Quiz 4 — June 11, 2026

Coverage: Lectures 1–14

Note

Instructions:

  • Time: 15 minutes.
  • Write your answers clearly on paper, scan, and upload to Google Classroom.
  • Show all steps for full credit.

Question: Huffman Coding

A file contains characters with the following frequencies:

Character A B C D E
Frequency 10 15 30 5 40

We want to design an optimal prefix code for these characters using Huffman’s greedy algorithm.

(a) [3 marks] Construct the optimal Huffman tree. Draw the final tree, showing the character and frequency at each leaf node, and the sum of frequencies at each internal node. Show the key intermediate steps of tree construction.

(b) [1 mark] Write the resulting binary code for each character. Assume that left branches are labeled with 0 and right branches are labeled with 1 (or vice versa, specify which convention you used).

(c) [1 mark] Compute the expected (average) number of bits per character under this Huffman code.
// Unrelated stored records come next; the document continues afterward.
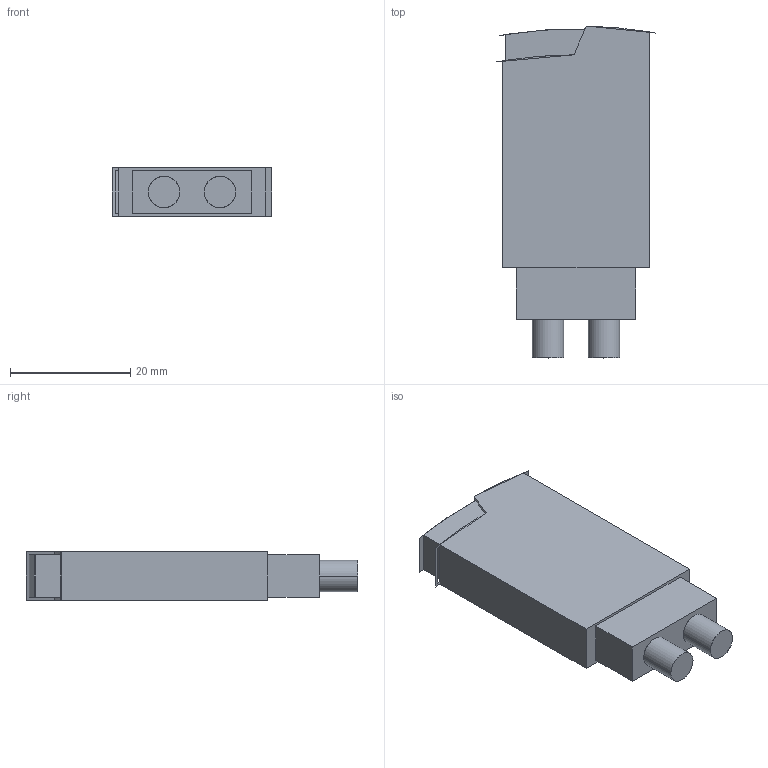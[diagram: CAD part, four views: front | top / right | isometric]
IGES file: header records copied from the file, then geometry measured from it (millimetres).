
Global section: file name: 0712107_tcp01-select.igs; native system: OneSpace Designer 3D IGES; preprocessor: 13.01  05-Feb-2005; date: 20051103.112814; units: millimetre
Bounding box: 26.59 x 55.18 x 8 mm (x, y, z)
Surface area: 3631.5 mm2 (no closed solid volume)
Topology: 0 solids, 0 shells, 23 faces, 164 edges, 164 vertices
Faces by surface type: bspline 23

How does it compare to the number of bits required per character using a standard fixed-length binary code for 5 characters? (State the percentage of space saved).


Solution

Part (a) — Tree Construction Steps

  1. Initial Forest: The priority queue sorted by frequency contains:
    • \(D: 5\)
    • \(A: 10\)
    • \(B: 15\)
    • \(C: 30\)
    • \(E: 40\)
  2. Step 1: Merge the two lowest frequencies, \(D (5)\) and \(A (10)\).
    • Create parent node \(N_1\) with weight \(5 + 10 = 15\).
    • The tree \(N_1\) has children \(D\) and \(A\).
    • Queue now contains: \(B: 15\), \(N_1: 15\), \(C: 30\), \(E: 40\).
  3. Step 2: Merge the two lowest, \(B (15)\) and \(N_1 (15)\).
    • Create parent node \(N_2\) with weight \(15 + 15 = 30\).
    • Queue now contains: \(C: 30\), \(N_2: 30\), \(E: 40\).
  4. Step 3: Merge the two lowest, \(C (30)\) and \(N_2 (30)\).
    • Create parent node \(N_3\) with weight \(30 + 30 = 60\).
    • Queue now contains: \(E: 40\), \(N_3: 60\).
  5. Step 4: Merge the remaining two nodes, \(E (40)\) and \(N_3 (60)\).
    • Create the root node with weight \(40 + 60 = 100\).

Final Huffman Tree Structure:

           [100] (root)
          /     \
      E (40)    [60] (N3)
               /    \
           C (30)   [30] (N2)
                   /    \
               B (15)   [15] (N1)
                       /    \
                   D (5)    A (10)

Part (b) — Binary Prefix Codes

Using the convention Left Branch = 0, Right Branch = 1:

  • E: 0 (length 1)
  • C: 10 (length 2)
  • B: 110 (length 3)
  • D: 1110 (length 4)
  • A: 1111 (length 4)

(Note: If students used Right Branch = 0 and Left Branch = 1, the codes will be symmetric (e.g. E = 1, C = 01, etc.) and are fully correct.)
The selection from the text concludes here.